Will Douglas Heaven entrevista en Technology Review del MIT a Geoffrey Hinton, sobre su actual desconfianza en la Inteligencia Artificial:
Hinton
fears that these tools are capable of figuring out ways to manipulate
or kill humans who aren’t prepared for the new technology.
“I
have suddenly switched my views on whether these things are going to be
more intelligent than us. I think they’re very close to it now and they
will be much more intelligent than us in the future,” he says. “How do
we survive that?”
He is especially worried that people could
harness the tools he himself helped breathe life into to tilt the scales
of some of the most consequential human experiences, especially
elections and wars.
“Look, here’s one way it could all go wrong,”
he says. “We know that a lot of the people who want to use these tools
are bad actors like Putin or DeSantis. They want to use them for winning
wars or manipulating electorates.”
Hinton believes that the next
step for smart machines is the ability to create their own subgoals,
interim steps required to carry out a task. What happens, he asks, when
that ability is applied to something inherently immoral?
“Don’t
think for a moment that Putin wouldn’t make hyper-intelligent robots
with the goal of killing Ukrainians,” he says. “He wouldn’t hesitate.
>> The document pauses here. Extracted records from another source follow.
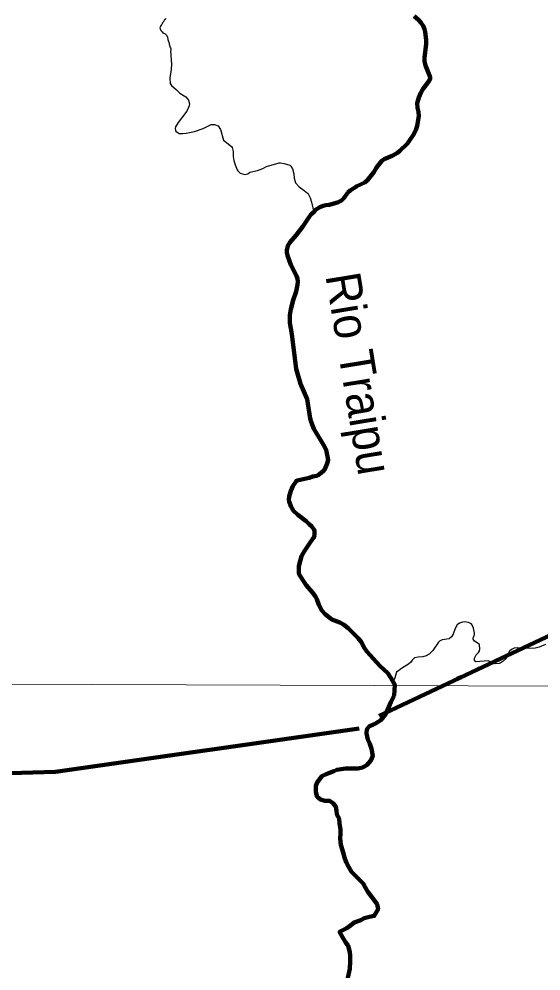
# Model space of a CAD drawing. Extents: x 553962 to 842807, y 8883888 to 9032388.
# Drawn here: x 732752 to 740244, y 8945147 to 8958818 of the extents above; entities that cross this region are included whole.
import ezdxf
from ezdxf.enums import TextEntityAlignment as Align

# ---------------------------------------------------------------- set-up
doc = ezdxf.new("R2010")
doc.units = 0
doc.header["$LTSCALE"] = 200
doc.linetypes.add('DASH_DOUBLE_DOT', pattern=[9.2, 5, -1.2, 0.3, -1.2, 0.3, -1.2])
for name, color, linetype, lineweight in [('1', 7, 'Continuous', 13), ('11', 7, 'DASH_DOUBLE_DOT', 106), ('24', 7, 'Continuous', 25), ('9', 7, 'Continuous', 90)]:
    doc.layers.add(name, color=color, linetype=linetype, lineweight=lineweight)
doc.layers.add('49', color=7, linetype='Continuous')

msp = doc.modelspace()

# ---------------------------------------------------------------- linework, layer by layer
at = {"layer": '1'}
msp.add_line((565315.3, 8949866.8), (791497.7, 8949052.2), dxfattribs=at)
at = {"layer": '11'}
for points in [[(738423, 8958858.3), (738484.8, 8958807.8), (738518.2, 8958769.8)], [(738518.2, 8958769.8), (738553, 8958719.1), (738573.4, 8958671.6), (738584.2, 8958634.2), (738596.5, 8958516.6), (738595.5, 8958459.5), (738573.8, 8958260.1), (738574.3, 8958210.6), (738586, 8958151.5), (738636.9, 8958031.2), (738652.7, 8957981.1), (738654.3, 8957961.8), (738641.6, 8957929.6), (738548.2, 8957809.4), (738520.8, 8957759.5), (738492.3, 8957691), (738469.3, 8957611.9), (738471.1, 8957540.7), (738484.1, 8957483.4), (738489.5, 8957421.9), (738467.2, 8957284.5), (738453.4, 8957238.2), (738417.5, 8957163.1), (738326.3, 8957030.4), (738218, 8956923.9), (738186.3, 8956898.7), (738110, 8956853), (737993.5, 8956806), (737962, 8956783.2), (737881, 8956685.2), (737843.7, 8956619.2), (737789, 8956546.3), (737752.5, 8956505.2), (737714.4, 8956472.2), (737598.9, 8956418.2), (737594, 8956415)], [(737594, 8956415), (737504.9, 8956356), (737472.4, 8956325.7)], [(737594, 8956415), (737504.9, 8956356), (737472.4, 8956325.7)], [(737472.4, 8956325.7), (737418.7, 8956252.2), (737418.7, 8956252.2), (737379.9, 8956210.5), (737322.3, 8956183.6), (737205.6, 8956151.2), (737156.3, 8956144.6), (737117.3, 8956134.5), (737071.6, 8956114.1), (737009.5, 8956078.2), (736986.8, 8956050.7), (736947.5, 8956013.9), (736911.1, 8955966.9), (736827.8, 8955836.5), (736730.5, 8955715.1), (736637.4, 8955606.6), (736612.6, 8955559.5), (736596.5, 8955498.8), (736596.9, 8955463.3), (736605.3, 8955420.7), (736653.1, 8955287.4), (736736, 8955131.5), (736748.2, 8955088.4), (736752.7, 8955048.8), (736749.8, 8954998.5), (736728.6, 8954905.6), (736687.7, 8954781.3), (736654.8, 8954650.4), (736639.8, 8954565.4), (736637.1, 8954522.9), (736639.7, 8954453.6), (736667, 8954290.4), (736732, 8953793.5), (736792.6, 8953579), (736888.8, 8953358.6), (736931.7, 8953081.8), (736945.3, 8953031.5), (736983.1, 8952931.3), (737123.4, 8952701.6), (737158.8, 8952633.3), (737167.3, 8952606.4), (737189.8, 8952488.2), (737175.2, 8952437.1), (737140.2, 8952353), (737118.4, 8952326.4), (737043.7, 8952268.4), (737024.6, 8952259.4), (736968.5, 8952246.4), (736915.8, 8952227.5), (736746.2, 8952191.8), (736734.2, 8952186), (736680.5, 8952109.1), (736652.4, 8952042.2), (736628, 8951962.5), (736626.1, 8951909.8), (736629.1, 8951890.4), (736652.2, 8951824.1), (736693.8, 8951753.5), (736751.8, 8951695.4), (736872.7, 8951604.6), (736918.3, 8951565.6), (736953.6, 8951528.3), (736987.1, 8951480.3), (736992.2, 8951466.2), (736991.6, 8951401.6)], [(737472.4, 8956325.7), (737418.7, 8956252.2), (737418.7, 8956252.2), (737379.9, 8956210.5), (737322.3, 8956183.6), (737205.6, 8956151.2), (737156.3, 8956144.6), (737117.3, 8956134.5), (737071.6, 8956114.1), (737009.5, 8956078.2), (736986.8, 8956050.7), (736947.5, 8956013.9), (736911.1, 8955966.9), (736827.8, 8955836.5), (736730.5, 8955715.1), (736637.4, 8955606.6), (736612.6, 8955559.5), (736596.5, 8955498.8), (736596.9, 8955463.3), (736605.3, 8955420.7), (736653.1, 8955287.4), (736736, 8955131.5), (736748.2, 8955088.4), (736752.7, 8955048.8), (736749.8, 8954998.5), (736728.6, 8954905.6), (736687.7, 8954781.3), (736654.8, 8954650.4), (736639.8, 8954565.4), (736637.1, 8954522.9), (736639.7, 8954453.6), (736667, 8954290.4), (736732, 8953793.5), (736792.6, 8953579), (736888.8, 8953358.6), (736931.7, 8953081.8), (736945.3, 8953031.5), (736983.1, 8952931.3), (737123.4, 8952701.6), (737158.8, 8952633.3), (737167.3, 8952606.4), (737189.8, 8952488.2), (737175.2, 8952437.1), (737140.2, 8952353), (737118.4, 8952326.4), (737043.7, 8952268.4), (737024.6, 8952259.4), (736968.5, 8952246.4), (736915.8, 8952227.5), (736746.2, 8952191.8), (736734.2, 8952186), (736680.5, 8952109.1), (736652.4, 8952042.2), (736628, 8951962.5), (736626.1, 8951909.8), (736629.1, 8951890.4), (736652.2, 8951824.1), (736693.8, 8951753.5), (736751.8, 8951695.4), (736872.7, 8951604.6), (736918.3, 8951565.6), (736953.6, 8951528.3), (736987.1, 8951480.3), (736992.2, 8951466.2), (736991.6, 8951401.6)], [(736991.6, 8951401.6), (736977.6, 8951361.6), (736962.6, 8951350.4), (736923.5, 8951285.3), (736844.9, 8951173.2), (736806.8, 8951104.1), (736767.2, 8950959.9), (736766.7, 8950864.6), (736773.5, 8950843), (736873.1, 8950687.5), (736964, 8950582.3), (737005.9, 8950527.2), (737027.5, 8950484.6), (737056.7, 8950403.1), (737100.5, 8950322.1), (737144.6, 8950272.8), (737242.5, 8950194.6), (737359.4, 8950150.4), (737410.4, 8950121.1), (737478.1, 8950069.7), (737536.8, 8950007.6), (737622.1, 8949926.5), (737662.5, 8949873.3), (737710.3, 8949784.5), (737742.4, 8949737.3), (737932.5, 8949531.3), (738045.7, 8949425), (738090.7, 8949356.8), (738148, 8949255.8), (738136, 8949103.5)], [(736991.6, 8951401.6), (736977.6, 8951361.6), (736962.6, 8951350.4), (736923.5, 8951285.3), (736844.9, 8951173.2), (736806.8, 8951104.1), (736767.2, 8950959.9), (736766.7, 8950864.6), (736773.5, 8950843), (736873.1, 8950687.5), (736964, 8950582.3), (737005.9, 8950527.2), (737027.5, 8950484.6), (737056.7, 8950403.1), (737100.5, 8950322.1), (737144.6, 8950272.8), (737242.5, 8950194.6), (737359.4, 8950150.4), (737410.4, 8950121.1), (737478.1, 8950069.7), (737536.8, 8950007.6), (737622.1, 8949926.5), (737662.5, 8949873.3), (737710.3, 8949784.5), (737742.4, 8949737.3), (737932.5, 8949531.3), (738045.7, 8949425), (738090.7, 8949356.8), (738148, 8949255.8), (738136, 8949103.5)], [(737921.5, 8948812.5), (740981.3, 8950253.8), (750519.5, 8951321.2)], [(738136, 8949103.5), (738089.6, 8949007), (738048.2, 8948905.4), (738017.2, 8948839.4), (737945.4, 8948748.2), (737869, 8948701.7), (737833, 8948682.7), (737782, 8948662.6), (737747, 8948620.9), (737740.6, 8948556), (737760.3, 8948469.2), (737785.4, 8948408), (737810.3, 8948336.6), (737829.9, 8948234.6), (737804, 8948168.5), (737742.6, 8948102.7), (737681.3, 8948067.4), (737615.1, 8948052.6), (737564.2, 8948052.9), (737508.3, 8948053.2), (737437.1, 8948053.7), (737314.9, 8948034), (737269, 8948014), (737207.8, 8947994), (737161.9, 8947973.9), (737100.6, 8947943.7), (737033.9, 8947852.4), (737013.2, 8947806.7), (737012.6, 8947715.1), (737032.5, 8947648.7), (737078, 8947607.7), (737144, 8947592), (737210.1, 8947591.6), (737260.7, 8947555.7), (737301, 8947504.5), (737310.8, 8947453.5), (737315.5, 8947392.4), (737345.6, 8947336.2), (737350.2, 8947264.9), (737364.9, 8947178.2), (737364.5, 8947122.2), (737364, 8947050.9), (737373.5, 8946959.2), (737403.3, 8946847), (737423.1, 8946775.6), (737448.1, 8946709.2), (737488.3, 8946637.7), (737523.4, 8946571.2), (737599.2, 8946494.4), (737644.7, 8946453.4), (737690.1, 8946402.2), (737725.3, 8946340.8), (737760.5, 8946284.6), (737805.8, 8946223.2), (737851.2, 8946161.8), (737891.5, 8946105.6), (737906, 8946034), (737906, 8946034)], [(738136, 8949103.5), (738089.6, 8949007), (738048.2, 8948905.4)], [(737906, 8946034), (737850.6, 8945938.3), (737784.3, 8945923.5), (737707.9, 8945903.6), (737656.9, 8945878.4), (737565.1, 8945843.3), (737508.8, 8945797.8), (737457.7, 8945762.5), (737354.3, 8945707.2), (737354.3, 8945707.2), (737354.5, 8945706.8)], [(737354.5, 8945706.8), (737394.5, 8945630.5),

And if you want them to be good at it, you don’t want to micromanage
them—you want them to figure out how to do it.”
There are already
a handful of experimental projects, such as BabyAGI and AutoGPT, that
hook chatbots up with other programs such as web browsers or word
processors so that they can string together simple tasks. Tiny steps,
for sure—but they signal the direction that some people want to take
this tech. And even if a bad actor doesn’t seize the machines, there are
other concerns about subgoals, Hinton says.
“Well, here’s a
subgoal that almost always helps in biology: get more energy. So the
first thing that could happen is these robots are going to say, ‘Let’s
get more power. Let’s reroute all the electricity to my chips.’ Another
great subgoal would be to make more copies of yourself. Does that sound
good?”
Maybe not. But Yann LeCun, Meta’s chief AI scientist,
agrees with the premise but does not share Hinton’s fears. “There is no
question that machines will become smarter than humans—in all domains in
which humans are smart—in the future,” says LeCun. “It’s a question of
when and how, not a question of if.”
But he takes a totally
different view on where things go from there. “I believe that
intelligent machines will usher in a new renaissance for humanity, a new
era of enlightenment,” says LeCun. “I completely disagree with the idea
that machines will dominate humans simply because they are smarter, let
alone destroy humans.”
“Even within the human species, the
smartest among us are not the ones who are the most dominating,” says
LeCun. “And the most dominating are definitely not the smartest. We have
numerous examples of that in politics and business.”
Yoshua Bengio,
who is a professor at the University of Montreal and scientific
director of the Montreal Institute for Learning Algorithms, feels more
agnostic. “I hear people who denigrate these fears, but I don’t see any
solid argument that would convince me that there are no risks of the
magnitude that Geoff thinks about,” he says. But fear is only useful if
it kicks us into action, he says: “Excessive fear can be paralyzing, so
we should try to keep the debates at a rational level.”
LeCun
es muy optimista...si no fuera por los drones sobre Kiev, la prisión de
Navalni, o las medidas de control social de China, quizá se podría
aceptar su visión.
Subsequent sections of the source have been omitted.